EDI by '97? No way, agencies tell Clinton

With agencies now doing only limited buying on line, the goal of eliminating most of the paper from federal procurement by year's end seems less and less attainable. In just 10 months, agencies are supposed to meet a White House deadline to handle all routine procurements electronically. But administration officials now acknowledge that most agencies remain unprepared.

With agencies now doing only limited buying on line, the goal of
eliminating most of the paper from federal procurement by year's end seems less and less
attainable.


In just 10 months, agencies are supposed to meet a White House deadline to handle all
routine procurements electronically. But administration officials now acknowledge that
most agencies remain unprepared.


President Clinton's October 1993 executive order mandated that governmentwide
electronic data interchange begin by January 1997. To help agencies, the Office of Federal
Procurement Policy and the General Services Administration established the Federal
Acquisition Network.


With special software to convert their transactions to the ANSI X12 EDI standard,
agencies are supposed to interact with vendors over FACNET, an amalgam of agency, Internet
and FTS 2000 networks.


But recent government and industry reports show that FACNET traffic is crawling,
despite urgings from OFPP and GSA's Electronic Commerce Acquisition Program Management
Office (ECA-PMO). Too few agencies have gone beyond pilot systems and too few vendors have
registered as electronic trading partners, OFPP administrator Steven Kelman said.

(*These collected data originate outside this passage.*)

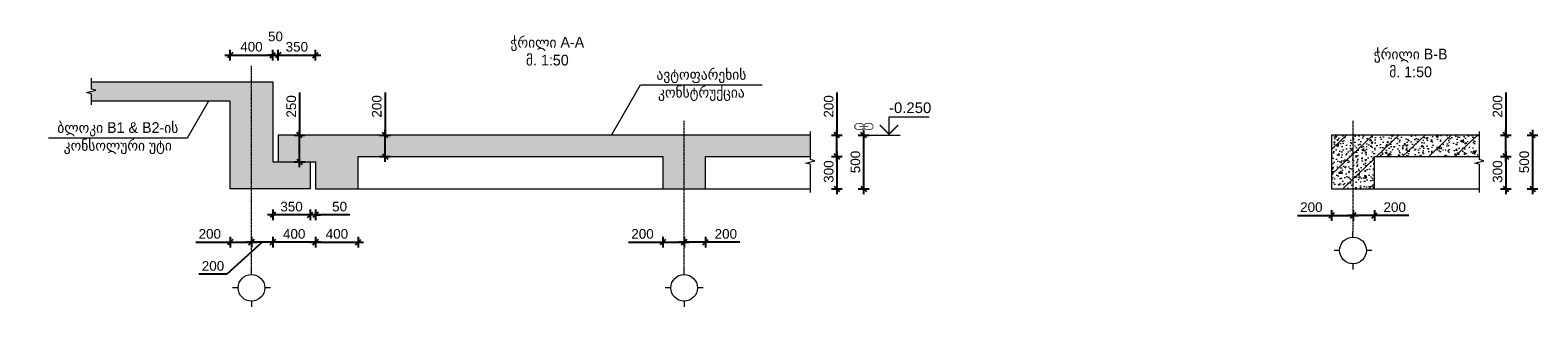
# Model space of a CAD drawing. Header units: millimetres. Extents: x -21725 to 46725, y -1855 to 59063.
# Tile 3 of 9: x 2389 to 16500, y -1855 to 733. Entities that reach past the tile are written whole.
import ezdxf
from ezdxf.enums import TextEntityAlignment as Align

# ---------------------------------------------------------------- set-up
doc = ezdxf.new("R2018")
doc.units = ezdxf.units.MM
doc.linetypes.add('CENTER2', pattern=[28.575, 19.05, -3.175, 3.175, -3.175])
doc.layers.get('Defpoints').update_dxf_attribs({"color": 6})
for name, color, linetype, lineweight in [('S - DIM', 7, 'Continuous', 5), ('S - GRID', 7, 'CENTER2', 5), ('S - HATCH', 252, 'Continuous', 5), ('S - LINE', 7, 'Continuous', 20), ('S - TEXT', 7, 'Continuous', 9)]:
    doc.layers.add(name, color=color, linetype=linetype, lineweight=lineweight)
doc.styles.add('Cubicon', font='Cubicon.ttf')
doc.styles.get("Standard").update_dxf_attribs({"font": 'arial.ttf'})
doc.dimstyles.new('CUB-M-100', dxfattribs={"dimscale": 100, "dimtxt": 1.8, "dimasz": 1.5, "dimexe": 1.5, "dimexo": 2, "dimgap": 1, "dimtad": 0, "dimdec": 0, "dimzin": 3, "dimdsep": 46, "dimtxsty": 'Cubicon', "dimblk": 'OBLIQUE', "dimcen": 1.5, "dimdle": 1, "dimazin": 2, "dimtfac": 0.75, "dimtdec": 0, "dimtmove": 0, "dimatfit": 3, "dimldrblk": 'SMALL', "dimfxl": 1, "dimtolj": 1, "dimtzin": 0, "dimlwd": -1, "dimlwe": -1, "dimarcsym": 0})
doc.dimstyles.new('SPDS 50', dxfattribs={"dimscale": 50, "dimtxt": 1.8, "dimasz": 1, "dimexe": 1, "dimexo": 0.625, "dimtad": 1, "dimdec": 0, "dimrnd": 0.001, "dimtxsty": 'Standard', "dimblk": 'OBLIQUE', "dimcen": 2.5, "dimdle": 1, "dimadec": 0, "dimazin": 2, "dimtfac": 0.75, "dimtdec": 0, "dimtmove": 1, "dimatfit": 3, "dimldrblk": 'OBLIQUE', "dimfxl": 1, "dimfxlon": 1, "dimtolj": 1, "dimarcsym": 0})

# ---------------------------------------------------------------- blocks, each defined once
blk = doc.blocks.new('*U304')
at = {"layer": 'S - TEXT', "color": 0, "linetype": 'ByBlock', "lineweight": -2}
for p, q in [((1304, 0), (-200, 0)), ((1304, 0), (1366, 250)), ((1366, 250), (1491, -250)), ((1491, -250), (1554, 0)), ((3057, 0), (1554, 0))]:
    blk.add_line(p, q, dxfattribs=at)
blk = doc.blocks.new('*U284')
at = {"color": 0, "linetype": 'ByBlock', "lineweight": -2}
blk.add_line((3, 0), (12.63, 0), dxfattribs=at)
blk.add_lwpolyline([(9.63, 0), (9.63, 5), (20.59, 5)], dxfattribs=at)
at = {"color": 0, "linetype": 'ByBlock', "lineweight": -2, "const_width": 0.4}
blk.add_lwpolyline([(7.13, 2.78), (9.63, 0.28), (12.13, 2.78)], dxfattribs=at)
at = {"layer": 'Defpoints', "color": 253, "lineweight": -2, "const_width": 0.2}
blk.add_lwpolyline([(4.02, 2.4), (2.78, 2.4), (2.78, 2.69), (3.28, 3.15), (4.76, 3.15), (5.26, 2.69), (5.26, 2.05), (4.76, 1.59), (3.28, 1.59), (2.78, 2.05), (2.78, 2.05), (2.78, 2.69), (2.27, 3.15), (0.8, 3.15), (0.3, 2.69), (0.3, 2.05), (0.8, 1.59), (2.27, 1.59), (2.78, 2.05), (2.78, 2.4), (1.53, 2.4)], dxfattribs=at)
at = {"color": 0, "linetype": 'ByBlock', "lineweight": -2, "oblique": 15}
for tag, p in [('ОТМЕТКА', (15.39, 7.5)), ('НТЕКСТ', (20.88, 2.5))]:
    blk.add_attdef(tag, text='', height=3, dxfattribs=at).set_placement(p, align=Align.MIDDLE_CENTER)
blk = doc.blocks.new('*U286')
at = {"layer": 'S - TEXT', "color": 0, "linetype": 'ByBlock', "lineweight": -2}
for p, q in [((389, 0), (-200, 0)), ((389, 0), (452, 250)), ((452, 250), (577, -250)), ((577, -250), (639, 0)), ((1229, 0), (639, 0))]:
    blk.add_line(p, q, dxfattribs=at)
blk = doc.blocks.new('_Oblique')
at = {"color": 0, "linetype": 'ByBlock', "lineweight": -2}
blk.add_line((-0.5, -0.5), (0.5, 0.5), dxfattribs=at)
blk = doc.blocks.new('*D287')
at = {"layer": 'Defpoints', "color": 0, "transparency": 16777216}
for p in [(4660, -250), (4910, -250), (4660, -500)]:
    blk.add_point(p, dxfattribs=at)
at = {"layer": 'S - DIM', "color": 0, "lineweight": -2, "transparency": 16777216}
for p, q in [((4910, 151), (4910, -250)), ((4860, -250), (4960, -250)), ((4910, -550), (4910, -200)), ((4860, -500), (4960, -500))]:
    blk.add_line(p, q, dxfattribs=at)
at = {"layer": 'S - DIM', "color": 0, "lineweight": -2, "transparency": 16777216, "xscale": 50, "yscale": 50, "zscale": 50}
for p, rotation in [((4910, -250), 90), ((4910, -500), 270)]:
    blk.add_blockref('_Oblique', p, dxfattribs=dict(at, rotation=rotation))
at = {"layer": 'S - DIM', "color": 0, "transparency": 16777216, "insert": (4833, 20), "char_height": 90, "attachment_point": 5, "rotation": 90}
blk.add_mtext('\\A1;250', dxfattribs=at)
blk = doc.blocks.new('*D288')
at = {"layer": 'Defpoints', "color": 0, "transparency": 16777216}
for p in [(9690, -250), (9940, -250), (9640, -450)]:
    blk.add_point(p, dxfattribs=at)
at = {"layer": 'S - DIM', "color": 0, "lineweight": -2, "transparency": 16777216}
for p, q in [((9940, 151), (9940, -250)), ((9890, -250), (9990, -250)), ((9940, -500), (9940, -200)), ((9890, -450), (9990, -450))]:
    blk.add_line(p, q, dxfattribs=at)
at = {"layer": 'S - DIM', "color": 0, "lineweight": -2, "transparency": 16777216, "xscale": 50, "yscale": 50, "zscale": 50}
for p, rotation in [((9940, -250), 90), ((9940, -450), 270)]:
    blk.add_blockref('_Oblique', p, dxfattribs=dict(at, rotation=rotation))
at = {"layer": 'S - DIM', "color": 0, "transparency": 16777216, "insert": (9863, 20), "char_height": 90, "attachment_point": 5, "rotation": 90}
blk.add_mtext('\\A1;200', dxfattribs=at)
blk = doc.blocks.new('*D289')
at = {"layer": 'Defpoints', "color": 0, "transparency": 16777216}
for p in [(9640, -450), (8710, -750), (9940, -750)]:
    blk.add_point(p, dxfattribs=at)
at = {"layer": 'S - DIM', "color": 0, "lineweight": -2, "transparency": 16777216}
for p, q in [((9940, -400), (9940, -800)), ((9890, -450), (9990, -450)), ((9890, -750), (9990, -750))]:
    blk.add_line(p, q, dxfattribs=at)
at = {"layer": 'S - DIM', "color": 0, "lineweight": -2, "transparency": 16777216, "xscale": 50, "yscale": 50, "zscale": 50}
for p, rotation in [((9940, -450), 90), ((9940, -750), 270)]:
    blk.add_blockref('_Oblique', p, dxfattribs=dict(at, rotation=rotation))
at = {"layer": 'S - DIM', "color": 0, "transparency": 16777216, "insert": (9863, -590), "char_height": 90, "attachment_point": 5, "rotation": 90}
blk.add_mtext('\\A1;300', dxfattribs=at)
blk = doc.blocks.new('*D290')
at = {"layer": 'Defpoints', "color": 0, "transparency": 16777216}
for p in [(9690, -250), (8710, -750), (10190, -750)]:
    blk.add_point(p, dxfattribs=at)
at = {"layer": 'S - DIM', "color": 0, "lineweight": -2, "transparency": 16777216}
for p, q in [((10140, -250), (10240, -250)), ((10190, -200), (10190, -800)), ((10140, -750), (10240, -750))]:
    blk.add_line(p, q, dxfattribs=at)
at = {"layer": 'S - DIM', "color": 0, "lineweight": -2, "transparency": 16777216, "xscale": 50, "yscale": 50, "zscale": 50}
for p, rotation in [((10190, -250), 90), ((10190, -750), 270)]:
    blk.add_blockref('_Oblique', p, dxfattribs=dict(at, rotation=rotation))
at = {"layer": 'S - DIM', "color": 0, "transparency": 16777216, "insert": (10113, -500), "char_height": 90, "attachment_point": 5, "rotation": 90}
blk.add_mtext('\\A1;500', dxfattribs=at)
blk = doc.blocks.new('*D291')
at = {"layer": 'Defpoints', "color": 0, "transparency": 16777216}
for p in [(5460, -250), (5710, -250), (5460, -450)]:
    blk.add_point(p, dxfattribs=at)
at = {"layer": 'S - DIM', "color": 0, "lineweight": -2, "transparency": 16777216}
for p, q in [((5710, 151), (5710, -250)), ((5660, -250), (5760, -250)), ((5710, -500), (5710, -200)), ((5660, -450), (5760, -450))]:
    blk.add_line(p, q, dxfattribs=at)
at = {"layer": 'S - DIM', "color": 0, "lineweight": -2, "transparency": 16777216, "xscale": 50, "yscale": 50, "zscale": 50}
for p, rotation in [((5710, -250), 90), ((5710, -450), 270)]:
    blk.add_blockref('_Oblique', p, dxfattribs=dict(at, rotation=rotation))
at = {"layer": 'S - DIM', "color": 0, "transparency": 16777216, "insert": (5633, 20), "char_height": 90, "attachment_point": 5, "rotation": 90}
blk.add_mtext('\\A1;200', dxfattribs=at)
blk = doc.blocks.new('*D293')
at = {"layer": 'Defpoints', "color": 0, "transparency": 16777216}
for p in [(5060, -750), (5460, -750), (5460, -1250)]:
    blk.add_point(p, dxfattribs=at)
at = {"layer": 'S - DIM', "color": 0, "lineweight": -2, "transparency": 16777216}
for p, q in [((5010, -1250), (5510, -1250)), ((5060, -1200), (5060, -1300)), ((5460, -1200), (5460, -1300))]:
    blk.add_line(p, q, dxfattribs=at)
at = {"layer": 'S - DIM', "color": 0, "lineweight": -2, "transparency": 16777216, "xscale": 50, "yscale": 50, "zscale": 50, "rotation": 180}
blk.add_blockref('_Oblique', (5060, -1250), dxfattribs=at)
at = {"layer": 'S - DIM', "color": 0, "lineweight": -2, "transparency": 16777216, "xscale": 50, "yscale": 50, "zscale": 50}
blk.add_blockref('_Oblique', (5460, -1250), dxfattribs=at)
at = {"layer": 'S - DIM', "color": 0, "transparency": 16777216, "insert": (5260, -1173), "char_height": 90, "attachment_point": 5}
blk.add_mtext('\\A1;400', dxfattribs=at)
blk = doc.blocks.new('*D294')
at = {"layer": 'Defpoints', "color": 0, "transparency": 16777216}
for p in [(4660, -750), (5060, -750), (4660, -1250)]:
    blk.add_point(p, dxfattribs=at)
at = {"layer": 'S - DIM', "color": 0, "lineweight": -2, "transparency": 16777216}
for p, q in [((5110, -1250), (4610, -1250)), ((4660, -1200), (4660, -1300)), ((5060, -1200), (5060, -1300))]:
    blk.add_line(p, q, dxfattribs=at)
at = {"layer": 'S - DIM', "color": 0, "lineweight": -2, "transparency": 16777216, "xscale": 50, "yscale": 50, "zscale": 50, "rotation": 180}
blk.add_blockref('_Oblique', (4660, -1250), dxfattribs=at)
at = {"layer": 'S - DIM', "color": 0, "lineweight": -2, "transparency": 16777216, "xscale": 50, "yscale": 50, "zscale": 50}
blk.add_blockref('_Oblique', (5060, -1250), dxfattribs=at)
at = {"layer": 'S - DIM', "color": 0, "transparency": 16777216, "insert": (4860, -1173), "char_height": 90, "attachment_point": 5}
blk.add_mtext('\\A1;400', dxfattribs=at)
blk = doc.blocks.new('*D295')
at = {"layer": 'Defpoints', "color": 0, "transparency": 16777216}
for p in [(4260, -750), (4460, -750), (4460, -1250)]:
    blk.add_point(p, dxfattribs=at)
at = {"layer": 'S - DIM', "color": 0, "lineweight": -2, "transparency": 16777216}
for p, q in [((3939, -1250), (4260, -1250)), ((4210, -1250), (4510, -1250)), ((4260, -1200), (4260, -1300)), ((4460, -1200), (4460, -1300))]:
    blk.add_line(p, q, dxfattribs=at)
at = {"layer": 'S - DIM', "color": 0, "lineweight": -2, "transparency": 16777216, "xscale": 50, "yscale": 50, "zscale": 50, "rotation": 180}
blk.add_blockref('_Oblique', (4260, -1250), dxfattribs=at)
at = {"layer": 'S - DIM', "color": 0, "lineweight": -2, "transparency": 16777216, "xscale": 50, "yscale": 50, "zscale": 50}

Now administration officials are pitching electronic catalogs and credit cards as the
best interim tools for agencies and small businesses working to build electronic commerce
systems.


Meanwhile, small businesses keep complaining that participating in FACNET costs too
much and that agencies are preoccupied with broadcasting requests for quotes just to
demonstrate FACNET capability.


"Electronic data interchange was intended for routine and volume purchases. But
agencies are using it for the bidding process, and that doesn't make a lot of sense,"
said Tony Stirk, president of Iron Horse, a small network management services company in
Burke, Va. "It's being misapplied. It's like trying to screw in a screw with a
hammer."


Government procurement officials acknowledged that FACNET's preliminary results are
underwhelming. The General Services Administration has compiled a list detailing FACNET
traffic in 1995. It shows that some agencies are not using the system at all, although
every Cabinet department has tried some type of on-line buying.


For instance, although the Labor, Veterans Affairs and Housing and Urban Development
departments did not use FACNET last year, they all tried some alternative such as an
electronic bulletin board system. Of the 15 Cabinet departments and five independent
agencies that GSA tracked, only the Federal Emergency Management Agency and the Small
Business Administration had not tried any on-line buying method in 1995.


But the new procurement law requires GSA to make its Multiple-Award Schedule contracts
accessible through FACNET by 1998. This, OFPP and GSA officials suggested, could help more
agencies satisfy basic electronic commerce needs by using electronic catalogs and EDI
links with suppliers that accept government credit cards.


"Electronic catalogs are even more convenient for users and can potentially mix
all of the best aspects of the credit card with it," Kelman said. "The
combination would mean less time, better prices and direct access. But the buying agent
and the supplier still would be connected via EDI at the back end of the system."


ECA-PMO spokesman Steve Howard agreed with Kelman. "Part of the model has changed.
When we first started, the government was in a solicitation mode," Howard said.


"But now users who really need something can just go out and buy it with a credit
card. The MAS buying rules also have eased up to make that program more robust and
attractive. It's really changed the dynamics of the situation."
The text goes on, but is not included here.